Adding to positions while they’re still open isn’t something that’s usually a part of the initial trading plan. It’s more of an advanced skill and it can be used for both a winning or a losing trade.
But what many traders underestimate is how this affects them in purely mental ways.
When adding to a losing position – something that is best done with some experience under your belt – a certain amount of hope appears.
You think you can turn this thing around. That this is probably the price level from where things will go your way.
But hope, being an emotion, can have a negative impact on how you make your decisions. Even more so when it goes against your initial trading plan.
Obviously this can lead to even greater losses because it clouds your judgement. Instead of calmly assessing why it was negative in the first place, you throw your efforts at making it right.
If this becomes a habit, then large and frequent losses will pile up.
How can this be avoided?
Set your maximum exposure even before you open a trade. Write down in advance the scenarios where you would increase or decrease a position size. What we mean by scenarios are certain levels that would show another move in the direction you prefer. Elliott Wave analysis offers many such levels as there are always corrective moves opposite the trend.
You should also set your entry and exit price levels in advance and stick to them, discipline counts!
How about adding to positions that are already winners but might seem to have more potential? Maybe they’re riding the trend, or you think they could even speed up more.
One thing that successful traders have in common is that they allow their winning trades run.
But adding to positions does involve risks, not only in pure financial terms but, as we mentioned, also for your mental approach to analysing what is happening with your open position.

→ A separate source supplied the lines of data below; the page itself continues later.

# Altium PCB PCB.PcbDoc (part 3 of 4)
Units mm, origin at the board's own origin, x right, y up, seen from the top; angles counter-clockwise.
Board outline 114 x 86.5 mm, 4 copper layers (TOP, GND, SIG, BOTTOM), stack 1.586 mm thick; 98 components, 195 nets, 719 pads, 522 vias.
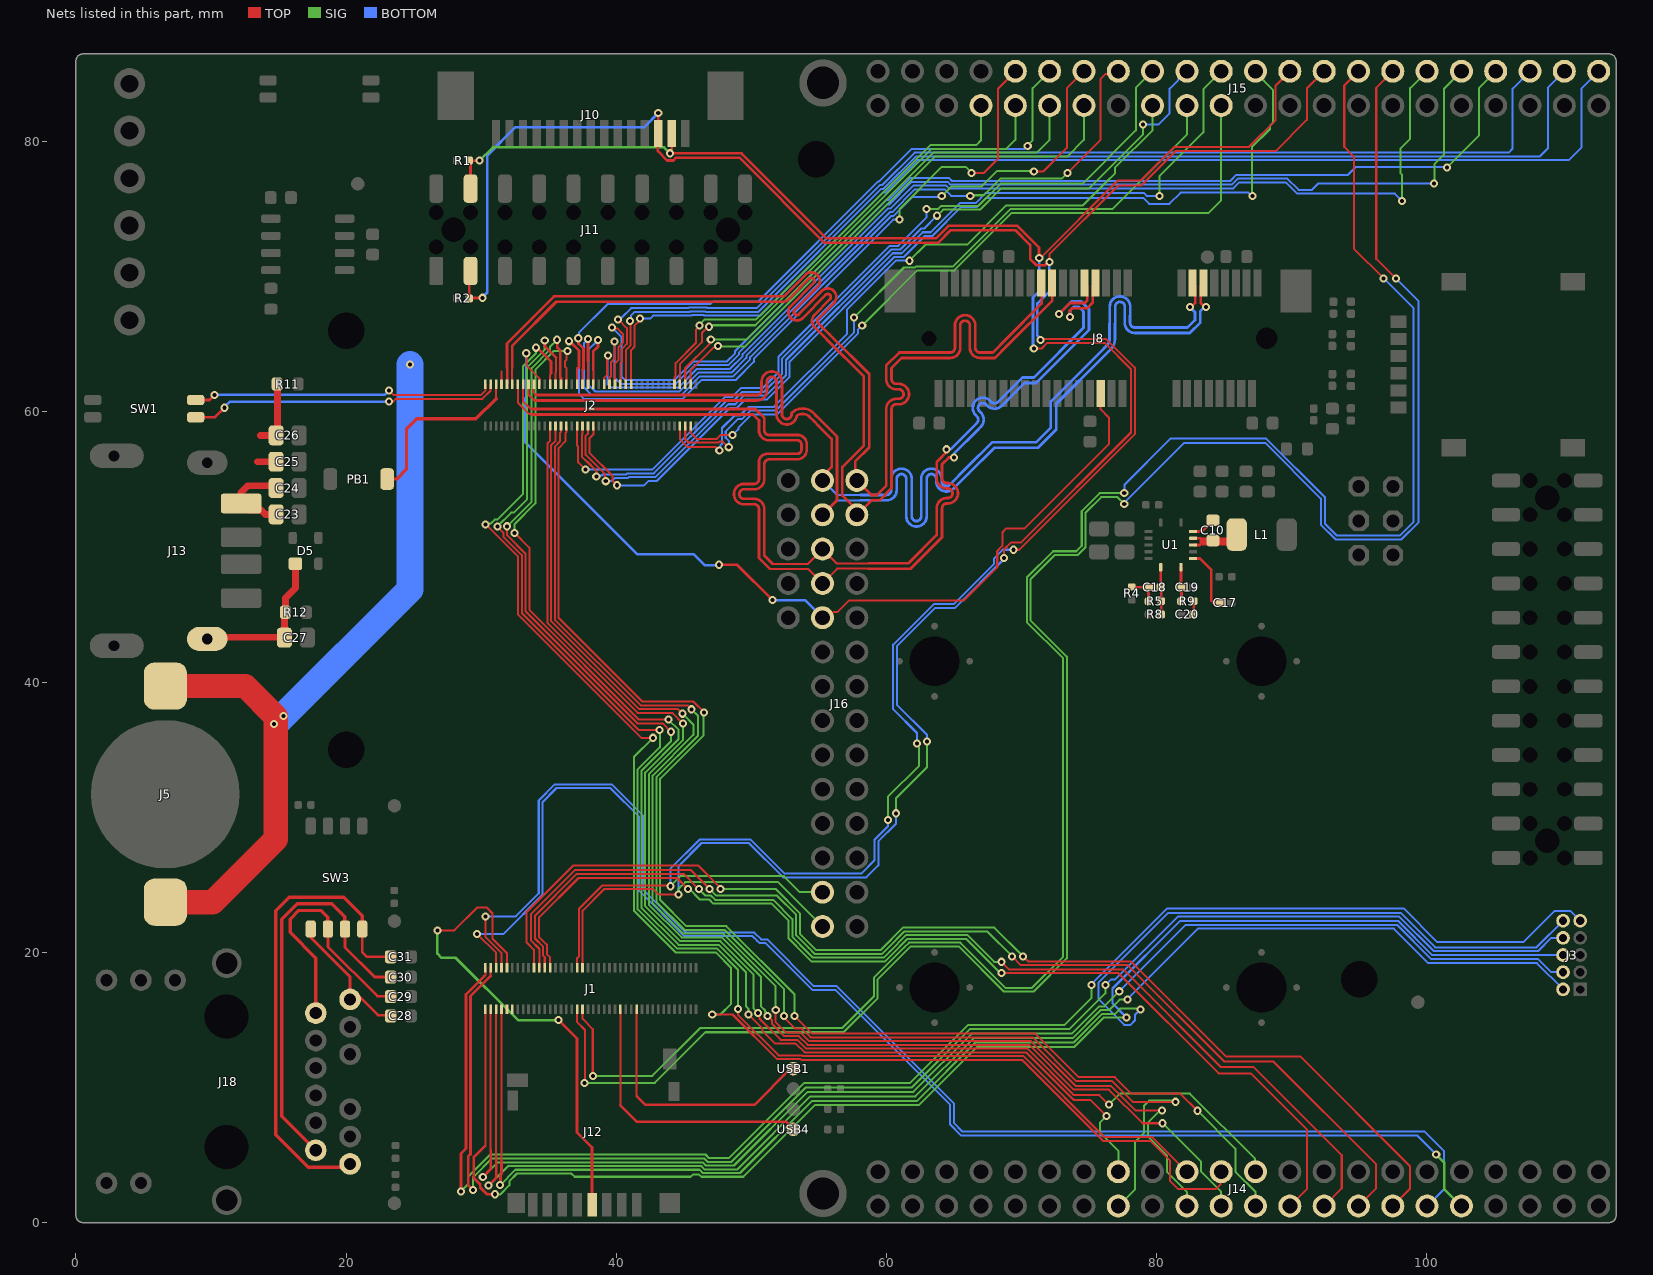
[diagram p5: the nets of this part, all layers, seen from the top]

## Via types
v1: diameter 0.6, hole 0.3, TOP to BOTTOM, tented both sides, 522 vias

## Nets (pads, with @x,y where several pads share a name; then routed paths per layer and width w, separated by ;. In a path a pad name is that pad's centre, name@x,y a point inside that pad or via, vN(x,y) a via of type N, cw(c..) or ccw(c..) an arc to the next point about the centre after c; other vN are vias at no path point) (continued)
I2C0.SCL_1: J1.46 J10.13 J11.3 J15.28 J16.25 R2.1 | length 197
  TOP w0.15: J1.46@37.1,18.86 37.1,19.567 37.222,19.689 37.222,23.207 38.974,24.959 43.932,24.959 v1(43.998,24.892) ; v1(69.39,49.801) 69.813,49.801 78.375,58.363 78.375,63.28 76.263,65.392 71.458,65.392 v1(71.388,65.322) ; v1(72.05,71.096) 72.05,71.669 77.145,76.764 78.856,76.764 81.393,79.301 88.803,79.301 91.12,81.617 91.12,83.946 J15.28@92.394,85.22
  TOP w0.2: J11.3@29.21,70.435 29.117,70.342 R2.1@29.117,68.411 29.137,68.431 30.067,68.431 v1(30.088,68.452) ; v1(43.103,82.118) 43.103,80.603 43.068,80.568 43.068,79.316 43.763,78.621 44.218,78.621 44.418,78.821 49.124,78.821 55.421,72.523 63.795,72.523 64.721,73.449 69.545,73.449 70.633,72.361 70.633,71.313 71.087,70.859 71.733,70.859 71.969,71.096 v1(72.05,71.096)
  SIG w0.15: v1(43.998,24.892) 44.741,25.635 52.397,25.635 53.582,24.449 J16.25@55.264,24.449 ; v1(60.098,29.792) 60.098,31.503 62.418,33.823 62.418,35.173 62.255,35.335 v1(62.255,35.457)
  BOTTOM w0.15: v1(43.998,24.892) 43.998,26.177 46.191,28.369 49.921,28.369 52.465,25.826 56.641,25.826 58.128,25.826 59.098,26.796 59.098,28.315 60.098,29.315 v1(60.098,29.792) ; v1(62.255,35.457) 62.255,36.233 60.494,37.995 60.494,42.768 63.498,45.772 64.965,45.772 67.966,48.772 67.966,49.17 68.597,49.801 v1(69.39,49.801)
  BOTTOM w0.2: v1(30.088,68.452) 30.088,68.489 30.442,68.843 30.442,78.99 32.538,81.086 42.071,81.086 v1(43.103,82.118) ; v1(71.388,65.322) 71.388,65.414 71.162,65.64 71.162,68.037 72.05,68.925 v1(72.05,71.096)
I2C0.SDA_1: J1.44 J10.14 J11.4 J15.26 J16.27 R1.1 | length 183.1
  TOP w0.15: J1.44@37.5,18.86 37.499,23.093 39.088,24.682 42.718,24.682 43.108,24.292 v1(44.598,24.292) ; v1(68.698,49.192) 68.698,49.819 69.209,50.33 69.95,50.33 78.098,58.478 78.098,63.165 76.155,65.109 71.884,65.109 71.475,64.7 v1(70.9,64.7) ; v1(71.305,71.386) 71.375,71.386 77.122,77.133 78.833,77.133 81.312,79.612 86.807,79.612 88.802,81.607 88.802,84.168 J15.26@89.854,85.22
  TOP w0.2: R1.1@29.1,78.6 29.112,78.612 R1.1@29.117,78.612 R1.1@29.128,78.601 ; J11.4@29.21,76.535 29.21,78.519 R1.1@29.128,78.601 ; v1(29.875,78.601) R1.1@29.128,78.601 ; J10.14@44.1,80.6 44.1,79.266 v1(43.982,79.148) 49.259,79.148 55.557,72.85 63.66,72.85 64.585,73.776 69.68,73.776 71.28,72.177 71.28,71.411 v1(71.305,71.386)
  SIG w0.15: v1(44.598,24.292) 44.598,24.702 45.09,25.194 51.979,25.194 J16.27@55.264,21.909 ; v1(60.698,30.292) 60.698,31.392 62.986,33.68 62.986,35.58 v1(62.998,35.592)
  SIG w0.2: v1(29.875,78.601) 30.864,79.59 43.539,79.59 v1(43.982,79.148)
  BOTTOM w0.15: v1(44.598,24.292) 44.598,26.385 46.305,28.092 49.807,28.092 52.35,25.549 58.512,25.549 59.401,26.438 59.401,28.226 60.698,29.524 v1(60.698,30.292) ; v1(62.998,35.592) 62.998,36.092 60.771,38.32 60.771,42.653 63.613,45.495 65.08,45.495 68.698,49.113 v1(68.698,49.192)
  BOTTOM w0.2: v1(70.9,64.7) 70.835,64.765 70.835,68.461 71.305,68.931 v1(71.305,71.386)
I2S.CK_1: J1.56 J14.25 | length 78.2
  TOP w0.15: J1.56@35.1,18.86 35.1,19.628 34.856,19.872 34.856,20.571 34.271,21.155 34.271,22.571 37.2,25.5 44.491,25.5 v1(45.298,24.692) ; v1(68.516,18.47) 77.158,18.47 84.583,11.045 86.955,11.045 91.13,6.87 91.13,2.496 J14.25@89.854,1.22
  SIG w0.15: v1(45.298,24.692) 45.388,24.692 46.167,23.913 46.877,23.913 47.188,23.602 51.498,23.602 52.755,22.345 52.755,21.756 52.755,21.024 53.998,19.781 54.441,19.338 59.9,19.338 60.342,19.781 61.553,20.991 65.883,20.991 68.404,18.47 v1(68.516,18.47)
I2S.SDI_1: J1.60 J14.29 | length 83.1
  TOP w0.15: J1.60@34.3,18.86 34.3,20.247 34.277,20.27 34.277,20.285 33.674,20.887 33.674,22.828 36.95,26.104 45.487,26.104 v1(46.898,24.692) ; v1(69.3,19.7) 69.951,19.049 77.857,19.049 84.986,11.92 88.638,11.92 96.219,4.339 96.219,2.505 J14.29@94.934,1.22
  SIG w0.15: v1(46.898,24.692) 47.4,24.19 51.894,24.19 53.309,22.775 53.309,21.985 53.309,21.254 54.227,20.335 54.67,19.892 59.67,19.892 60.113,20.335 61.323,21.545 67.455,21.545 v1(69.3,19.7)
I2S.SDO_1: J1.62 J14.31 | length 86.2
  TOP w0.15: J1.62@33.9,18.86 33.9,20.199 33.347,20.752 33.347,22.964 36.814,26.431 46.059,26.431 47.698,24.792 v1(47.698,24.692) ; v1(70.1,19.7) 70.474,19.326 78.088,19.326 85.119,12.296 90.622,12.296 98.75,4.168 98.75,2.496 J14.31@97.474,1.22
  SIG w0.15: v1(47.698,24.692) 51.783,24.692 53.586,22.89 53.586,21.368 54.785,20.169 59.555,20.169 61.208,21.822 67.978,21.822 v1(70.1,19.7)
I2S.WS_1: J1.58 J14.27 | length 80.2
  TOP w0.15: J1.58@34.7,18.86 34.7,19.636 34.579,19.758 34.579,20.421 33.976,21.023 33.976,22.703 37.075,25.802 44.988,25.802 v1(46.108,24.682) ; v1(68.5,19.3) 69.053,18.747 77.517,18.747 84.756,11.508 87.178,11.508 93.696,4.99 93.696,2.522 J14.27@92.394,1.22
  SIG w0.15: v1(46.108,24.682) 46.6,24.19 47.009,24.19 47.32,23.879 51.613,23.879 53.032,22.46 53.032,21.871 53.032,21.139 54.113,20.058 54.556,19.615 59.785,19.615 60.228,20.058 61.438,21.268 65.998,21.268 67.966,19.3 v1(68.5,19.3)
JTAG.R\E\S\E\T\_1: J1.73 J3.10 | length 110.3
  TOP w0.15: 31.5,4.538 J1.73@31.5,15.78
  TOP w0.2: v1(31.395,2.772) 31.427,2.805 31.427,3.517 31.5,3.59 31.5,4.538
  SIG w0.15: v1(31.395,2.772) 32.529,3.907 46.161,3.907 46.402,3.665 49.156,3.665 54.503,9.013 62.263,9.013 66.577,13.327 73.851,13.327 75.976,15.452 76.922,15.452 77.301,15.832 78.746,15.832 v1(78.804,15.774)
  BOTTOM w0.15: v1(78.804,15.774) 78.395,15.365 78.395,14.959 78.073,14.636 77.595,14.636 75.695,16.536 75.695,17.783 80.839,22.927 98.065,22.927 100.617,20.374 108.113,20.374 J3.10@110.079,22.34
JTAG.TCK/SCK_1: J1.77 J3.4 | length 102
  TOP w0.15: 30.7,5.349 J1.77@30.7,15.78
  TOP w0.2: v1(30.114,3.358) 30.7,3.944 30.7,5.349
  SIG w0.15: v1(30.114,3.358) 31.217,4.461 46.39,4.461 46.632,4.219 48.707,4.219 54.155,9.667 61.992,9.667 66.306,13.981 73.722,13.981 75.747,16.006 76.117,16.006 v1(77.227,17.116)
  BOTTOM w0.15: v1(77.227,17.116) 82.142,22.031 97.785,22.031 100.293,19.523 108.208,19.523 109.201,18.53 J3.4@110.079,18.53
JTAG.TDI_1: J1.78 J3.8 | length 108.9
  TOP w0.15: 30.7,18.256 J1.78@30.7,18.86
  TOP w0.2: v1(29.4,2.4) 29.036,2.764 29.036,4.892 29.198,5.055 29.198,16.754 30.7,18.256
  SIG w0.15: v1(29.4,2.4) 29.4,3.353 30.784,4.738 46.505,4.738 46.747,4.496 48.522,4.496 54.019,9.994 61.857,9.994 66.17,14.308 73.536,14.308 76.197,16.969 v1(76.197,17.575)
  BOTTOM w0.15: v1(76.197,17.575) 76.601,17.979 76.895,17.979 81.566,22.65 97.95,22.65 100.503,20.097 108.228,20.097 109.201,21.07 J3.8@110.079,21.07
JTAG.TDO/SWO_1: J1.79 J3.6 | length 106.8
  TOP w0.15: 30.3,5.694 J1.79@30.3,15.78
  TOP w0.2: 30.3,5.694 29.45,4.844 29.45,3.276 29.927,2.799 29.927,2.594 30.429,2.092 v1(31.019,2.092)
  SIG w0.15: v1(31.019,2.092) 31.424,2.092 32.087,2.754 32.087,3.071 32.646,3.63 36.671,3.63 36.913,3.388 45.504,3.388 45.688,3.572 46.104,3.572 46.288,3.388 49.402,3.388 54.7,8.686 62.398,8.686 66.712,13 73.916,13 76.091,15.175 v1(77.766,15.175)
  BOTTOM w0.15: v1(77.766,15.175) 76.725,16.216 76.725,17.324 81.709,22.308 97.9,22.308 100.408,19.8 J3.6@110.079,19.8
JTAG.TMS/SWD_1: J1.75 J3.2 | length 102.8
  TOP w0.15: 31.1,4.883 J1.75@31.1,15.78
  TOP w0.2: v1(30.534,2.732) 31.1,3.298 31.1,4.883
  SIG w0.15: v1(30.534,2.732) 31.986,4.184 46.276,4.184 46.517,3.942 48.97,3.942 54.368,9.34 62.128,9.34 66.441,13.654 73.786,13.654 75.861,15.729 76.489,15.729 77.26,16.5 v1(77.85,16.5)
  BOTTOM w0.15: v1(77.85,16.5) 77.85,16.566 83.039,21.754 97.557,21.754 100.111,19.2 108.139,19.2 J3.2@110.079,17.26
JTAG.TRST_1: J1.80 J3.9 | length 112.3
  TOP w0.15: 30.206,18.224 30.3,18.319 J1.80@30.3,18.86
  TOP w0.2: v1(28.5,2.3) 28.5,5.107 28.871,5.478 28.871,16.89 30.206,18.224
  SIG w0.15: v1(28.5,2.3) 29.02,2.82 29.02,3.389 30.666,5.035 46.599,5.035 46.861,4.773 48.336,4.773 53.884,10.321 61.721,10.321 66.035,14.635 73.18,14.635 75.161,16.616 v1(75.161,17.59)
  BOTTOM w0.15: v1(75.161,17.59) 75.161,17.64 80.771,23.25 98.282,23.25 100.773,20.758 107.138,20.758 109.43,23.05 110.639,23.05 J3.9@111.349,22.34
LICELL_1: J2.7 J5.1 J5.2 | length 59.7
  TOP w0.15: J2.7@31.5,62.04 31.5,62.978
  TOP w1.8: J5.1@6.618,23.712 10.134,23.712 14.794,28.372 14.794,37.445 12.527,39.712 J5.2@6.618,39.712
  BOTTOM w2: 14.927,37.064 v1(15.369,37.506) 24.723,46.86 v1(24.723,63.509)
  other v1: 14.669,36.906
mPCIe_CK_N: J2.19 J8.11 J16.3 | length 86.5
  TOP w0.15: J2.19@33.9,62.04 33.884,62.024 33.884,61.435 34.049,61.269
  TOP w0.2: 34.049,61.269 34.067,61.252 50.096,61.252 50.396,61.252 ccw(c50.396,61.606) 50.75,61.606 50.75,62.246 cw(c51.504,62.246) 52.258,62.246 52.258,59.825 ccw(c52.612,59.825) 52.966,59.825 cw(c53.166,59.825) 53.036,59.977 cw(c53.784,59.109) 54.593,59.92 54.798,59.716 55,59.514 56.341,58.172 56.341,53.466 55.612,52.737 55.264,52.737 J16.3@55.264,52.389 ; J8.11@83.456,69.55 83.26,69.354 83.26,68.053 83.552,67.761 v1(83.651,67.761)
  BOTTOM w0.15: J16.3@55.264,52.389 56.334,53.459 58.08,53.459
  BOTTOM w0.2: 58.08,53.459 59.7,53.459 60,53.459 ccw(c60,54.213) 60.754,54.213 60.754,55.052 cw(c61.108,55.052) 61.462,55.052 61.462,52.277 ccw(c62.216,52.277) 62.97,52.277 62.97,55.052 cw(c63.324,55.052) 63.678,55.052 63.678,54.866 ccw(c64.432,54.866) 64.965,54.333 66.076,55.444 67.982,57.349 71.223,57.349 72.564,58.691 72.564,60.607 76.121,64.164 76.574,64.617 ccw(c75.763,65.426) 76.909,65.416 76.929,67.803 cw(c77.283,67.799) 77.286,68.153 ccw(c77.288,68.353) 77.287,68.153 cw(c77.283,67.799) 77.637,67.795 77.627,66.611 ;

Let’s look at this scenario: You have a winning trade that has been open on for about a week and feel that there’s an opportunity to add more to it.
You increase its size but the market starts going against you and within a day the profit you had is almost gone.
This turns the situation on its head. You could start feeling anger and disappointment at a point where you need to be calm, because you have to make a choice: either stick to your guns and your initial prediction or cut losses.
But instead of being in a winning position and deciding what to do at that point, you’ve become anxious and fear might be creeping in. That fear is known as “a winner turning into a loser” in trading circles and it can cause a mental block.
It’s a familiar challenge to traders and everyone comes across it and causes them to exit positions that can – ultimately – become winners.
The solution is sticking to the levels you had already set. Even if the market turns against you, you should already have a stop loss level in mind and you should have a plan about your risk management.
We’re not trying to say “never ever deviate from your trading plan”. But changing it has to be in an orderly fashion, so that impulsive decisions don’t ruin them.
It’s not the market you’re trading against. It’s yourself.